For the oper-group example, the following output is displayed if one of the uplinks goes down:
--{ running }--[ ]--
# info from state system event-handler instance opergrp
system {
event-handler {
instance opergrp {
admin-state enable
upython-script oper-group.py
oper-state up
last-execution {
start-time now
end-time now
upython-duration 1
input "{\"paths\":[{\"path\":\"interface ethernet-1/1 oper-state\",\"value\":\"up\"},{\"path\":\"interface ethernet-1/4 oper-state\",\"value\":\"up\"}],\"options\":{\"down-links\":[\"ethernet-1/3\",\"ethernet-1/8\"],\"required-num-up-links\":\"2\"},\"persistent-data\":{\"last-state\":\"up\"}}"
output "{\"actions\": [{\"set-ephemeral-path\": {\"path\": \"interface ethernet-1/3 oper-state\", \"value\": \"up\"}}, {\"set-ephemeral-path\": {\"path\": \"interface ethernet-1/8 oper-state\", \"value\": \"up\"}}], \"persistent-data\": {\"last-state\": \"up\"}}"
stdout-stderr ""num of required up uplinks = 1
detected num of up uplinks = 1
downlinks new state = up"
}
}
}
}
The setting for downlinks new state
is up
because the
detected num of up uplinks
did not drop below the required number
of 1. The downlink interface therefore remains operationally up.

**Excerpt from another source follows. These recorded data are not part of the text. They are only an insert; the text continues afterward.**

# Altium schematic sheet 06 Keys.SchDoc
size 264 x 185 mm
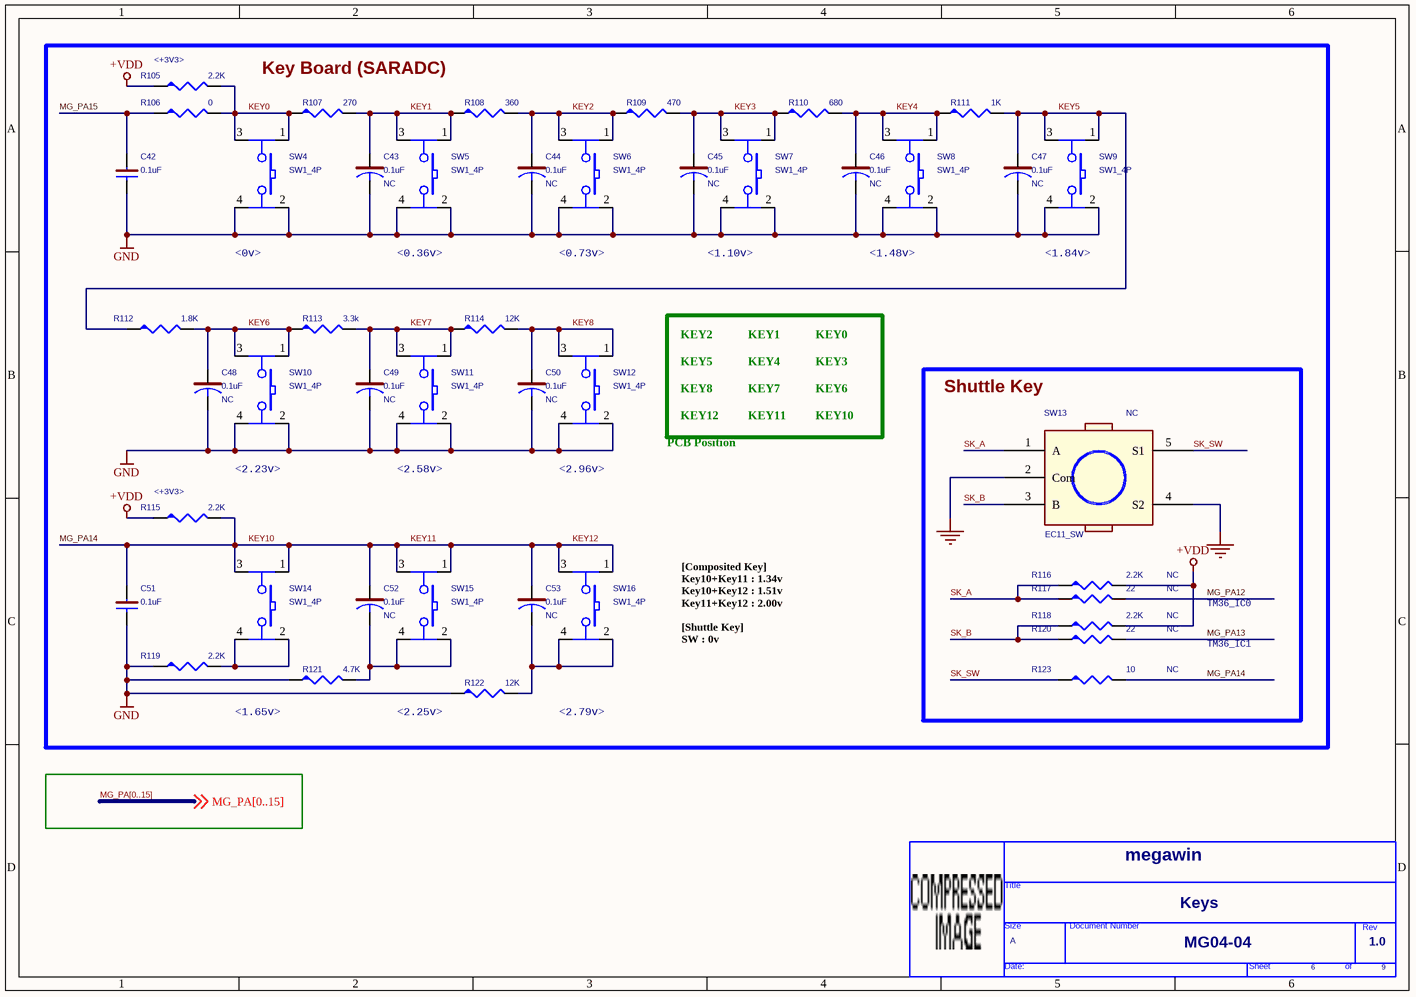
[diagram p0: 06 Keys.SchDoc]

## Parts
*  OrgName: megawin  Doc: MG04-04  RevCode: 1.0  Title: Keys  Page Size: A  Page Number: 6  Page Count: 9  (hidden comment: TitleBlock_MegaWin)  (graphical)
C42  0.1uF  [C-0603]
C43  0.1uF  Assembly: NC  [C-0805]
C44  0.1uF  Assembly: NC  [C-0805]
C45  0.1uF  Assembly: NC  [C-0805]
C46  0.1uF  Assembly: NC  [C-0805]
C47  0.1uF  Assembly: NC  [C-0805]
C48  0.1uF  Assembly: NC  [C-0805]
C49  0.1uF  Assembly: NC  [C-0805]
C50  0.1uF  Assembly: NC  [C-0805]
C51  0.1uF  [C-0603]
C52  0.1uF  Assembly: NC  [C-0805]
C53  0.1uF  Assembly: NC  [C-0805]
R105  2.2K  [R-0603]
R106  0  [R-0603]
R107  270  [R-0603]
R108  360  [R-0603]
R109  470  [R-0603]
R110  680  [R-0603]
R111  1K  [R-0603]
R112  1.8K  [R-0603]
R113  3.3k  [R-0603]
R114  12K  [R-0603]
R115  2.2K  [R-0603]
R116  2.2K  Assembly: NC  [R-0603]
R117  22  Assembly: NC  [R-0603]
R118  2.2K  Assembly: NC  [R-0603]
R119  2.2K  [R-0603]
R120  22  Assembly: NC  [R-0603]
R121  4.7K  [R-0603]
R122  12K  [R-0603]
R123  10  Assembly: NC  [R-0603]
SW4  SW1_4P  [SW-TACT-P4.5X6.5-Z6.2X6.2X5]
SW5  SW1_4P  [SW-TACT-P4.5X6.5-Z6.2X6.2X5]
SW6  SW1_4P  [SW-TACT-P4.5X6.5-Z6.2X6.2X5]
SW7  SW1_4P  [SW-TACT-P4.5X6.5-Z6.2X6.2X5]
SW8  SW1_4P  [SW-TACT-P4.5X6.5-Z6.2X6.2X5]
SW9  SW1_4P  [SW-TACT-P4.5X6.5-Z6.2X6.2X5]
SW10  SW1_4P  [SW-TACT-P4.5X6.5-Z6.2X6.2X5]
SW11  SW1_4P  [SW-TACT-P4.5X6.5-Z6.2X6.2X5]
SW12  SW1_4P  [SW-TACT-P4.5X6.5-Z6.2X6.2X5]
SW13  EC11_SW  Assembly: NC  [SW5P_EC11]
SW14  SW1_4P  [SW-TACT-P4.5X6.5-Z6.2X6.2X5]
SW15  SW1_4P  [SW-TACT-P4.5X6.5-Z6.2X6.2X5]
SW16  SW1_4P  [SW-TACT-P4.5X6.5-Z6.2X6.2X5]

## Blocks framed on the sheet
Key Board (SARADC): C42-C53 R105-R115 R119 R121 R122 SW4-SW12 SW14-SW16
Shuttle Key: R116-R118 R120 R123 SW13

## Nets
+VDD: R105.1 R115.1 R116.2 R118.2
GND: C42.2 C43.2 C44.2 C45.2 C46.2 C47.2 C48.2 C49.2 C50.2 C51.2 R119.1 R121.1 R122.1 SW4.2 SW4.4 SW5.2 SW5.4 SW6.2 SW6.4 SW7.2 SW7.4 SW8.2 SW8.4 SW9.2 SW9.4 SW10.2 SW10.4 SW11.2 SW11.4 SW12.2 SW12.4 SW13.2(Com) SW13.4(S2)
KEY0: R105.2 R106.2 R107.1 SW4.1 SW4.3
KEY1: C43.1 R107.2 R108.1 SW5.1 SW5.3
KEY2: C44.1 R108.2 R109.1 SW6.1 SW6.3
KEY3: C45.1 R109.2 R110.1 SW7.1 SW7.3
KEY4: C46.1 R110.2 R111.1 SW8.1 SW8.3
KEY5: C47.1 R111.2 R112.1 SW9.1 SW9.3
KEY6: C48.1 R112.2 R113.1 SW10.1 SW10.3
KEY7: C49.1 R113.2 R114.1 SW11.1 SW11.3
KEY8: C50.1 R114.2 SW12.1 SW12.3
KEY10: C51.1 C52.1 C53.1 R115.2 R123.2 SW14.1 SW14.3 SW15.1 SW15.3 SW16.1 SW16.3  [also labelled KEY11, KEY12, MG_PA14]
MG_PA12: R117.2
MG_PA13: R120.2
MG_PA15: C42.1 R106.1
SK_A: R116.1 R117.1 SW13.1(A)
SK_B: R118.1 R120.1 SW13.3(B)
SK_SW: R123.1 SW13.5(S1)
NetC52_2: C52.2 R121.2 SW15.2 SW15.4
NetC53_2: C53.2 R122.2 SW16.2 SW16.4
NetR119_2: R119.2 SW14.2 SW14.4

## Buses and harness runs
bus MG_PA[0..15]

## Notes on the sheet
- (near R105) <+3V3>
- (near SW4) <0v>
- (near SW5) <0.36v>
- (near SW6) <0.73v>
- (near SW7) <1.10v>
- (near SW8) <1.48v>
- (near SW9) <1.84v>
- KEY2
- KEY1
- KEY0
- KEY5
- KEY8
- KEY4
- KEY7
- KEY3
- KEY6
- <2.23v>
- (near SW11) <2.58v>
- (near SW12) <2.96v>
- PCB Position
- KEY12
- KEY11
- KEY10
- (near R115) <+3V3>
- TM36_IC0
- TM36_IC1
- <1.65v>
- (near R122) <2.25v>
- <2.79v>
- [Composited Key]
  Key10+Key11 : 1.34v
  Key10+Key12 : 1.51v
  Key11+Key12 : 2.00v
  [Shuttle Key]
  SW : 0v

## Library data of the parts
C42 C51 = CAP-NP: 2ND PART FIELD: SMD_0805
C43-C50 C52 C53 = CAP: 2ND PART FIELD: SMD_0805
R105 R115 = R: 2ND PART FIELD: SMD_0805
R106 R112 R116-R120 R123 = R
R107-R111 R113 R114 R121 R122 = R: 2ND PART FIELD: SMD_1
SW4 SW10 SW14 = SW-PB-4P: Function: Power KEY
SW5 SW11 SW15 = SW-PB-4P: Function: Return KEY
SW6 SW12 SW16 = SW-PB-4P: Function: + KEY
SW7 = SW-PB-4P: Function: Up KEY
SW8 = SW-PB-4P: Function: Down KEY
SW9 = SW-PB-4P: Function: - KEY
SW13 = SW-EC11

If both of the uplinks go down, the following is displayed:
--{ running }--[ ]--
# info from state system event-handler instance opergrp
# info from state system event-handler instance opergrp
system {
event-handler {
instance opergrp {
admin-state enable
upython-script oper-group.py
oper-state up
last-execution {
start-time now
end-time now
upython-duration 1
input "{\"paths\":[{\"path\":\"interface ethernet-1/1 oper-state\",\"value\":\"up\"},{\"path\":\"interface ethernet-1/4 oper-state\",\"value\":\"up\"}],\"options\":{\"down-links\":[\"ethernet-1/3\",\"ethernet-1/8\"],\"required-num-up-links\":\"2\"},\"persistent-data\":{\"last-state\":\"up\"}}"
output "{\"actions\": [{\"set-ephemeral-path\": {\"path\": \"interface ethernet-1/3 oper-state\", \"value\": \"up\"}}, {\"set-ephemeral-path\": {\"path\": \"interface ethernet-1/8 oper-state\", \"value\": \"up\"}}], \"persistent-data\": {\"last-state\": \"up\"}}"
stdout-stderr ""num of required up uplinks = 1
detected num of up uplinks = 0
downlinks new state = down"
}
}
}
}
The detected num of up uplinks
is 0, which is below the required number
of 1. This causes event handler to set the downlink interface to operationally down.
In this way, event handler uses the oper-group feature to disable the access link when the uplink interfaces go down, therefore preventing traffic from black-holing.